Further there is the glaring contrast in their characters :between the liberal Englishman “traveling light” and the impulsive Aziz rooted in “society and Islam.” While goodwill and spontaneous affection breaks down the initial barriers between them, there are signs that Fielding’s immature imagination  and Aziz’s sensitiveness are going to bode ill for their future relationship.

And this is what exactly happens later. Misunderstanding crops up between them in their attitudes towards Adela and leads to the break in their relationship. After Aziz’s release from the prison, Fielding asks Aziz to withdraw the brutally revengeful demands clamped on Adela   and Aziz refuses and they part ways. When they are reunited at the end ,their ways of life have changed too radically –Fielding supporting the Anglo Indians and  Aziz  ,Indian nationalism.

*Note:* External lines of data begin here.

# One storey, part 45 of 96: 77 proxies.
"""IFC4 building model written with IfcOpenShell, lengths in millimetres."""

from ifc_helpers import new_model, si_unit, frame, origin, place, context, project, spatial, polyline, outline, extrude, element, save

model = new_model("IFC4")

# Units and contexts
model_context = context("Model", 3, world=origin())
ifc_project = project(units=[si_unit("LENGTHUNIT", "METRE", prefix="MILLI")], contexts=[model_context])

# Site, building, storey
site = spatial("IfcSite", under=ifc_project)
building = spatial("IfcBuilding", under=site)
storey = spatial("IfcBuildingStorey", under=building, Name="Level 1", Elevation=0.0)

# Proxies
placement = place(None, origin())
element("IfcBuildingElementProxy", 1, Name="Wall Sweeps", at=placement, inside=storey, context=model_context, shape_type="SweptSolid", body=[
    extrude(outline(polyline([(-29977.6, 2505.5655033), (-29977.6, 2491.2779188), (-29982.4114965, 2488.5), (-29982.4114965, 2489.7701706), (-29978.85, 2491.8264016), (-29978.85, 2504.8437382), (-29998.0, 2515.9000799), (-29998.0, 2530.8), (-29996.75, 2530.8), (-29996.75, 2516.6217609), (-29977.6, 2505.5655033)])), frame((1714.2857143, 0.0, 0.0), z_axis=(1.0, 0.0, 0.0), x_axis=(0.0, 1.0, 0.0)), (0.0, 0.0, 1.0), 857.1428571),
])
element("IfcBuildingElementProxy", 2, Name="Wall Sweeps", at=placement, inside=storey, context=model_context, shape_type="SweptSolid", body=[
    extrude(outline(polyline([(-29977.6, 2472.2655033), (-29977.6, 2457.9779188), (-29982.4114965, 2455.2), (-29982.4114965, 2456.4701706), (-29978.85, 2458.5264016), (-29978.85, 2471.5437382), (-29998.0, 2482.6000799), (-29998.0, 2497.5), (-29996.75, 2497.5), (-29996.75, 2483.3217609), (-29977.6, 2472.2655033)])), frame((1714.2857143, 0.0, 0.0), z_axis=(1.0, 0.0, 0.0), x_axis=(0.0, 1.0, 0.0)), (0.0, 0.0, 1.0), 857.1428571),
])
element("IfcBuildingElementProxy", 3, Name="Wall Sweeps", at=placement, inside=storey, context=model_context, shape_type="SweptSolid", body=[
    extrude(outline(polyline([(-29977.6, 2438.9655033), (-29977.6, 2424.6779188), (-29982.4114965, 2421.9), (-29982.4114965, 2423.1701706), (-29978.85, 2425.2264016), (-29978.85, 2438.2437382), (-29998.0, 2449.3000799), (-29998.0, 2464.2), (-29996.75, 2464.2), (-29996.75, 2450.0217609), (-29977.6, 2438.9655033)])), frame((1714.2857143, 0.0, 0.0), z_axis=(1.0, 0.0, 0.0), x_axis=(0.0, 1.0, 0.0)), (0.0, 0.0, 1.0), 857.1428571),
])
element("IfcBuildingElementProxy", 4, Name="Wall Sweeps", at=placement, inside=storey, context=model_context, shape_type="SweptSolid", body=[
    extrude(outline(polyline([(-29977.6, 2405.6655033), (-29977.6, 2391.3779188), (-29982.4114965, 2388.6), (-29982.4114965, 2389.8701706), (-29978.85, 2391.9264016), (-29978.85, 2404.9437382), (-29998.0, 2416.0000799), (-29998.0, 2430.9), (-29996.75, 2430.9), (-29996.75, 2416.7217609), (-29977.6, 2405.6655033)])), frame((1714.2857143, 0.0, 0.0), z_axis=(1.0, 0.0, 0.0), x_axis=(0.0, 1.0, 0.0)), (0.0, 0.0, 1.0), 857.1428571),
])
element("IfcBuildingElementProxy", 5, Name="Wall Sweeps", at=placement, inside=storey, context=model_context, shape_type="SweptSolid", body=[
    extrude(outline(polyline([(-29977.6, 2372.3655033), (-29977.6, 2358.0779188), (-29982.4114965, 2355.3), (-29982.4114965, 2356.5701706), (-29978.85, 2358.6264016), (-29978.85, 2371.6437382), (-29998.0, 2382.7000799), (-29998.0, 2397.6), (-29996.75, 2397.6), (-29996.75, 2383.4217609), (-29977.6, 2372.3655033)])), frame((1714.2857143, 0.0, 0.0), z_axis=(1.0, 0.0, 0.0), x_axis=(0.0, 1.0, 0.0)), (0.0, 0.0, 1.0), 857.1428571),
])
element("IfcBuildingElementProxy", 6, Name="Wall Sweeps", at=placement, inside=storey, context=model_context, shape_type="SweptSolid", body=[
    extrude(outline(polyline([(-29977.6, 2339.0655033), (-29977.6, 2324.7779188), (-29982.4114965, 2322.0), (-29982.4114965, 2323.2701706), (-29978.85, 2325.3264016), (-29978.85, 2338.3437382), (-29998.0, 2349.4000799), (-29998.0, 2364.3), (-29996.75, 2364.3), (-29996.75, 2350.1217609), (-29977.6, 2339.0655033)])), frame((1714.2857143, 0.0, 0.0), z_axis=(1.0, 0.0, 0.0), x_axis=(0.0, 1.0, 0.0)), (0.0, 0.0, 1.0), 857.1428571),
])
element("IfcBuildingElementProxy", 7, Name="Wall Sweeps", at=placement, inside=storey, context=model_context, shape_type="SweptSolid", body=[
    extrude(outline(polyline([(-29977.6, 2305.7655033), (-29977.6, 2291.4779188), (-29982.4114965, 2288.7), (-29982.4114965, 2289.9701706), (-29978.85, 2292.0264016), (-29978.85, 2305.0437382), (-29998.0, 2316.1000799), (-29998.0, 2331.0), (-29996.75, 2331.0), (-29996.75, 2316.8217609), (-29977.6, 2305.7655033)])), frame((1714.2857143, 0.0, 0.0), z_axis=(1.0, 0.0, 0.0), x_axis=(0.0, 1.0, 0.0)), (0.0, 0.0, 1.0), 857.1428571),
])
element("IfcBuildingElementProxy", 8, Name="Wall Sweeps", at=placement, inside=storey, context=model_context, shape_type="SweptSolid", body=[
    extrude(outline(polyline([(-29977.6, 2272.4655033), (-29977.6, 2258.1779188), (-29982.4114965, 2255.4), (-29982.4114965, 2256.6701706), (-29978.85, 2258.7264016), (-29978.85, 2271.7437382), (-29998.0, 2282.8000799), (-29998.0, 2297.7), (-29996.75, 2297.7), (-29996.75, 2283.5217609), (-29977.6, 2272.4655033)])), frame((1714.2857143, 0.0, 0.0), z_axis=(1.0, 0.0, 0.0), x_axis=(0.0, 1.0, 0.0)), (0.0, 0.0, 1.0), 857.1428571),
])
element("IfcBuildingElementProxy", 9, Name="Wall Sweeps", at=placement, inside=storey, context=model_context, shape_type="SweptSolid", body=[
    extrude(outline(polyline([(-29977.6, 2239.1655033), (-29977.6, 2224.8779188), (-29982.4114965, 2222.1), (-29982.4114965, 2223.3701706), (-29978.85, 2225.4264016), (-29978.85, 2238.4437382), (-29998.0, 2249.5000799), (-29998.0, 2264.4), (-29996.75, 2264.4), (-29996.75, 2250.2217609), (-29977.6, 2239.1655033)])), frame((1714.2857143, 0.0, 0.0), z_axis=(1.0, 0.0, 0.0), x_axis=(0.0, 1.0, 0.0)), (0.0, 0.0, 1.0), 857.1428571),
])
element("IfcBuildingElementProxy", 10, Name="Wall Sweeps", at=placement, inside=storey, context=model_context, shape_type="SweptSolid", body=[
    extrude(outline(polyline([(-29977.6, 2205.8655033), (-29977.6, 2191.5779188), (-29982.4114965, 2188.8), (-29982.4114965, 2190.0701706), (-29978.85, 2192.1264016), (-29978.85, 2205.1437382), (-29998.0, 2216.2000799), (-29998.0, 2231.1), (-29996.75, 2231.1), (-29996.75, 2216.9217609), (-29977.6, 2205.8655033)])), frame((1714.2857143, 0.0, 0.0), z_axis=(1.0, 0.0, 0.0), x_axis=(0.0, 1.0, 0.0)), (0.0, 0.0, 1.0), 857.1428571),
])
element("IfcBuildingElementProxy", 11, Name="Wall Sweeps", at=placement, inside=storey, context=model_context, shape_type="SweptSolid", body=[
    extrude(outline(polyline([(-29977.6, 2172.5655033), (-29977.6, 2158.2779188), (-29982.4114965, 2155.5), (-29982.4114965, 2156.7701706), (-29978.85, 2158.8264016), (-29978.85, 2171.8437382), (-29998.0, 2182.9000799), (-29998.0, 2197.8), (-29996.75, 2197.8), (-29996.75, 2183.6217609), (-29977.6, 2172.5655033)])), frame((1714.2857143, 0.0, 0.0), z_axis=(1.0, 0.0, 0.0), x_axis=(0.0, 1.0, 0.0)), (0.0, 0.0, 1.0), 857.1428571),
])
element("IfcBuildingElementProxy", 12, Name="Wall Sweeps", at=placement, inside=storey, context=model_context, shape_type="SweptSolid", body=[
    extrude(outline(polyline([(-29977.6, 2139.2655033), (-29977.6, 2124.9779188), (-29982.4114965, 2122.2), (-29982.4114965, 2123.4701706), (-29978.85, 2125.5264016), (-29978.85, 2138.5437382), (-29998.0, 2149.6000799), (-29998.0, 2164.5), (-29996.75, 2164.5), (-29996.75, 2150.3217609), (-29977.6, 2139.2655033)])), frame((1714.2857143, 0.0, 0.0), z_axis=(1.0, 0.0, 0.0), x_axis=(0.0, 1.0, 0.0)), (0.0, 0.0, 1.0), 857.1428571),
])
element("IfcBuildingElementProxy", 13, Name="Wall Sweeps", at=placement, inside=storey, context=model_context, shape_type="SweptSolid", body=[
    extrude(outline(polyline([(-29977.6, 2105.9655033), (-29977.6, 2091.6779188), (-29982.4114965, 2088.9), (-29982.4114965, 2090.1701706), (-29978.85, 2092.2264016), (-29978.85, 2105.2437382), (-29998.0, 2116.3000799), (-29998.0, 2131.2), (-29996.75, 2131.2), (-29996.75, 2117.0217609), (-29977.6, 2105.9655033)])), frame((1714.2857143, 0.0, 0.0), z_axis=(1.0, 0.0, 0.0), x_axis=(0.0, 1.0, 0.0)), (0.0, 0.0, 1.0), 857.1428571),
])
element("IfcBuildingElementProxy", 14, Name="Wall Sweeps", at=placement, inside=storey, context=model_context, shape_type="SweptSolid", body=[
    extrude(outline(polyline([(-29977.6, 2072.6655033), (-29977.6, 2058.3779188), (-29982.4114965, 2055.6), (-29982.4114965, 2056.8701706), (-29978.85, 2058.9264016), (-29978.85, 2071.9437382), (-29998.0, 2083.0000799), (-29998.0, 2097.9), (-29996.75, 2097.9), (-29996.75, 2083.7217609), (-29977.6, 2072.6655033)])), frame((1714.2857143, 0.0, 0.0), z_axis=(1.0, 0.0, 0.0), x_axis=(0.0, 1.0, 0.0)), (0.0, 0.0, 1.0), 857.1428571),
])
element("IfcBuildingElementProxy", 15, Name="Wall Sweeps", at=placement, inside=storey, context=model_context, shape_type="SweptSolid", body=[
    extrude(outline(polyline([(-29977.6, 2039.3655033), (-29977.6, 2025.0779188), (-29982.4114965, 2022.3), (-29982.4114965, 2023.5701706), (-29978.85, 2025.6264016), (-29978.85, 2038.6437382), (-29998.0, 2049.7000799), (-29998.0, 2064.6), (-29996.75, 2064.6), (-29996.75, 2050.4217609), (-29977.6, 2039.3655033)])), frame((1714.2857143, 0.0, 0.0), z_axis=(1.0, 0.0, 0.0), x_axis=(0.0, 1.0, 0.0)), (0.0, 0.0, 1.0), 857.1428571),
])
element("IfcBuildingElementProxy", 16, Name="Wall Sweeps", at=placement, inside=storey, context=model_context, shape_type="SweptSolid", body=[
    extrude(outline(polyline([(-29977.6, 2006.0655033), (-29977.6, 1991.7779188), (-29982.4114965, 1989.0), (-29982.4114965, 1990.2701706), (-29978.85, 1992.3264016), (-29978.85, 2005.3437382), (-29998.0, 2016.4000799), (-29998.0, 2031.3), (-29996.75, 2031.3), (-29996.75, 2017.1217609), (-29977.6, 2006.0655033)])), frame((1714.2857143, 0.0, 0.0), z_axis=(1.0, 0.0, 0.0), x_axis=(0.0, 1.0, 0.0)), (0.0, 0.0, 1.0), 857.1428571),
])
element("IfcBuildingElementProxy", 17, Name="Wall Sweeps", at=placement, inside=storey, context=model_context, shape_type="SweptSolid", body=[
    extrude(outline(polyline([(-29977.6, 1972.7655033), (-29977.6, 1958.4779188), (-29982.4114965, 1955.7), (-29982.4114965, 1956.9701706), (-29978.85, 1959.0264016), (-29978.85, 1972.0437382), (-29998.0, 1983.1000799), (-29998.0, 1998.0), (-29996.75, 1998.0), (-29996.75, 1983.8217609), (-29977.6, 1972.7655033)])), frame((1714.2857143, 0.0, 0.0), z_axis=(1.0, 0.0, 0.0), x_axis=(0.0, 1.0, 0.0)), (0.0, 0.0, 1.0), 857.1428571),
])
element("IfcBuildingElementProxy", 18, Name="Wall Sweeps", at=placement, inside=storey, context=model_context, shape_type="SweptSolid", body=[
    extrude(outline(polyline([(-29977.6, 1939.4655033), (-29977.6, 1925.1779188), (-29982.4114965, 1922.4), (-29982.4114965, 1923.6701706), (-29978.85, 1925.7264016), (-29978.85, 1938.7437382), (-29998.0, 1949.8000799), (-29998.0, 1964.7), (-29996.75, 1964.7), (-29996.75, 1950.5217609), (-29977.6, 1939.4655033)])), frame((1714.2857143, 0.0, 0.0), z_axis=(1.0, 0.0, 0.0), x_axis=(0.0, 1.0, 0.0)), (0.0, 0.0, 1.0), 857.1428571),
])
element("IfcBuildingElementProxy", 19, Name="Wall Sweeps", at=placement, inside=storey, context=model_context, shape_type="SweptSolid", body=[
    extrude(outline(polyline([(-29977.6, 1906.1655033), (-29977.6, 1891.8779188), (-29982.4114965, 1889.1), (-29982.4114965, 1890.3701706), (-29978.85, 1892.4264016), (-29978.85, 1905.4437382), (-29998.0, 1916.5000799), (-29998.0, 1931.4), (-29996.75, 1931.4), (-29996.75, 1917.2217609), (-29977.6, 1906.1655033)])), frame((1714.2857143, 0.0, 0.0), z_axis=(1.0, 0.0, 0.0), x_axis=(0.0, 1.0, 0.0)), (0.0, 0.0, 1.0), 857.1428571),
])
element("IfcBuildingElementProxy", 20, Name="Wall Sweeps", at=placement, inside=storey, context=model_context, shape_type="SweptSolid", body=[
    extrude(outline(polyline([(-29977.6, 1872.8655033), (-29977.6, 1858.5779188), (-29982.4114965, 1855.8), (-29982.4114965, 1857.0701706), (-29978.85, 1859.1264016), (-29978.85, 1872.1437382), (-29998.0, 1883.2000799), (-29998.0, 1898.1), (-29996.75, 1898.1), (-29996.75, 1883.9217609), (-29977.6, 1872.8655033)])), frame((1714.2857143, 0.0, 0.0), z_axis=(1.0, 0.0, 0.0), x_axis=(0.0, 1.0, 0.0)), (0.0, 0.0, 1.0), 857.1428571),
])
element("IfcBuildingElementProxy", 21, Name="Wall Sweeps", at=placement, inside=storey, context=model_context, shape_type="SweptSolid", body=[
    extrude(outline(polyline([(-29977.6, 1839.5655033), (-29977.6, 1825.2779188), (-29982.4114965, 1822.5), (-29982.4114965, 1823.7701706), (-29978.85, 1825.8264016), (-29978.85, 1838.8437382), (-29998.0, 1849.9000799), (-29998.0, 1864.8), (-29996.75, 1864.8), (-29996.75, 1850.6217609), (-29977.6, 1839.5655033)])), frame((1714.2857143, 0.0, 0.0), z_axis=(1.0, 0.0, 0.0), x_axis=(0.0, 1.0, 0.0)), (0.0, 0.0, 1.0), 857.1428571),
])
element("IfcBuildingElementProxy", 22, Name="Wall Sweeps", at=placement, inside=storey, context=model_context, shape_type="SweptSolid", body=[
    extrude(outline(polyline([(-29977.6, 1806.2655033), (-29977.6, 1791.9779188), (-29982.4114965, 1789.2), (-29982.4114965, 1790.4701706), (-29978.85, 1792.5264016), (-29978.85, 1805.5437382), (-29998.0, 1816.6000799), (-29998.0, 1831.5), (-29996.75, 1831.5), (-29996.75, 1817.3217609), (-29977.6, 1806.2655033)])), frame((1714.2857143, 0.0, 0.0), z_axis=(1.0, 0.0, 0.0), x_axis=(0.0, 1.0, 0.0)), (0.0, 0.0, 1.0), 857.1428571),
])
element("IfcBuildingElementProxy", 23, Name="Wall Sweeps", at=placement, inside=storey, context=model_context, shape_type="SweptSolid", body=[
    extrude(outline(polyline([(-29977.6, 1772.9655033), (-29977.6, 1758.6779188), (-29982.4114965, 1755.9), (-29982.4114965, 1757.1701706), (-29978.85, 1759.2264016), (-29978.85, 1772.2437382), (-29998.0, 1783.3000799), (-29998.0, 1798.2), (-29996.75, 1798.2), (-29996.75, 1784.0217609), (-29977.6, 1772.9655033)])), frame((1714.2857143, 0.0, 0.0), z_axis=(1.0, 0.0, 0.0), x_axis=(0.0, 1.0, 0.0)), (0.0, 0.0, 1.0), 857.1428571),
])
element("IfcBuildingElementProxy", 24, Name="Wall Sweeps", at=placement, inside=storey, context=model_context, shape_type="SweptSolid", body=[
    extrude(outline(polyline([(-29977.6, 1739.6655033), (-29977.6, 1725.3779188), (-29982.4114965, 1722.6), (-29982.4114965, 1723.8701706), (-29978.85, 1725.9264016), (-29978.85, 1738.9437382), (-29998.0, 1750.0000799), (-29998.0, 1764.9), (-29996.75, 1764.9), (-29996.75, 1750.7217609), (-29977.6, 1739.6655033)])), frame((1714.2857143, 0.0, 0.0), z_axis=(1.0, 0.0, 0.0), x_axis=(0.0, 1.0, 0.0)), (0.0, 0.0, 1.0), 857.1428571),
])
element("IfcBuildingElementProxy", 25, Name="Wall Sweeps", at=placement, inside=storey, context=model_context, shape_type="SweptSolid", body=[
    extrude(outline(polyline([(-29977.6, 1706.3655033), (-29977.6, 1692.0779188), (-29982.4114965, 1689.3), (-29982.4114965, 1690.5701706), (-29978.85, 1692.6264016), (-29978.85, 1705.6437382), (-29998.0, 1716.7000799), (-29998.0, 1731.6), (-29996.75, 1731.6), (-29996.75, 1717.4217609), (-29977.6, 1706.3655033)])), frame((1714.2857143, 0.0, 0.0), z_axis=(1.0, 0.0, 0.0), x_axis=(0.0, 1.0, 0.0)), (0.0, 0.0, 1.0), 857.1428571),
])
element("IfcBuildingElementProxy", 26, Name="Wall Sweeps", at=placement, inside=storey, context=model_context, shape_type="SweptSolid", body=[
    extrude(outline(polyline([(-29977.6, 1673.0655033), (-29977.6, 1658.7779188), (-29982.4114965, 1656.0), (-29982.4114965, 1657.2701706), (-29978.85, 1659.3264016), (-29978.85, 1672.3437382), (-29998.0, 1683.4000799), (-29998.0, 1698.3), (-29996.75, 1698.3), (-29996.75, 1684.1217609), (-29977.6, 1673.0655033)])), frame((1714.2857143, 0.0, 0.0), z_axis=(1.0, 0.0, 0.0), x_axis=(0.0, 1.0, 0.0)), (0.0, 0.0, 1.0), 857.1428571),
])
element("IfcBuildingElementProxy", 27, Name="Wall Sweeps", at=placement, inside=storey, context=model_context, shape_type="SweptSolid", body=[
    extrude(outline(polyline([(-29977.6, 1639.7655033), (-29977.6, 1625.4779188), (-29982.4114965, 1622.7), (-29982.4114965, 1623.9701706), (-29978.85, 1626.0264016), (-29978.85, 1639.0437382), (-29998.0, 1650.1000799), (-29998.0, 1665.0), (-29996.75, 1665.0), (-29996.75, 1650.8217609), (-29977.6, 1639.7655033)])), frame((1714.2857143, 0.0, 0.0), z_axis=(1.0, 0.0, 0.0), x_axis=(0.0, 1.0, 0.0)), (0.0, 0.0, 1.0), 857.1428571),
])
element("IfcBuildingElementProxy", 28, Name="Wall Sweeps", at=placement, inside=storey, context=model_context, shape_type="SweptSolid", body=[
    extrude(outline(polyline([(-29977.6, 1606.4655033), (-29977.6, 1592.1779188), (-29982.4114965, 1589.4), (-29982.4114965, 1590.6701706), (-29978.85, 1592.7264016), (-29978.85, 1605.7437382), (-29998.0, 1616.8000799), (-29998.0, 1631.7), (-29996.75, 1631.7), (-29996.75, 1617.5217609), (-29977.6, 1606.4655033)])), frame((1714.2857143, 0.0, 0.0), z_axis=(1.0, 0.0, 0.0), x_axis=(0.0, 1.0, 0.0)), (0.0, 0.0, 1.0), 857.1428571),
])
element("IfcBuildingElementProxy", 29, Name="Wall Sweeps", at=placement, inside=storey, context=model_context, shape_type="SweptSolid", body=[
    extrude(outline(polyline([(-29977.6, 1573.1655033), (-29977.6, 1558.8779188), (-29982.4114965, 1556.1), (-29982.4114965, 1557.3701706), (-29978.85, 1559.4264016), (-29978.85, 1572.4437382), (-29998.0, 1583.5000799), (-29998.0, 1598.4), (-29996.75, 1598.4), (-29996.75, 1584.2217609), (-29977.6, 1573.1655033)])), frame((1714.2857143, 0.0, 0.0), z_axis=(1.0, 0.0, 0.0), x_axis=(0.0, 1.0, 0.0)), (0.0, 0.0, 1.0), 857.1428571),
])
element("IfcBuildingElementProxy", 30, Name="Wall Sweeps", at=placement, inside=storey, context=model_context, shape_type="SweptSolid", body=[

Apart from these major schisms there are other minor separations and gaps in the novel . Men themselves are segregated from the rest of the creation. Young Mr. Sorley ,an advanced Christian Missionary ,accepts that God in his divine love brooks no separations and will extend his hospitality to the animals too, to the monkeys and jackals. But he is less sure about wasps and cannot at all admit into Divine Unity things like “oranges, cactuses, crystals and mud.

Or for that matter the “bacteria inside Mr. Sorley’s head!” “We must exclude something from our gathering or we shall be left with nothing”, he nervously insists. And yet the forced exclusion is inane because men, after all, are only a small part of Creation: “It matters so little to the majority of living beings what the majority that calls itself human , desires or decides.”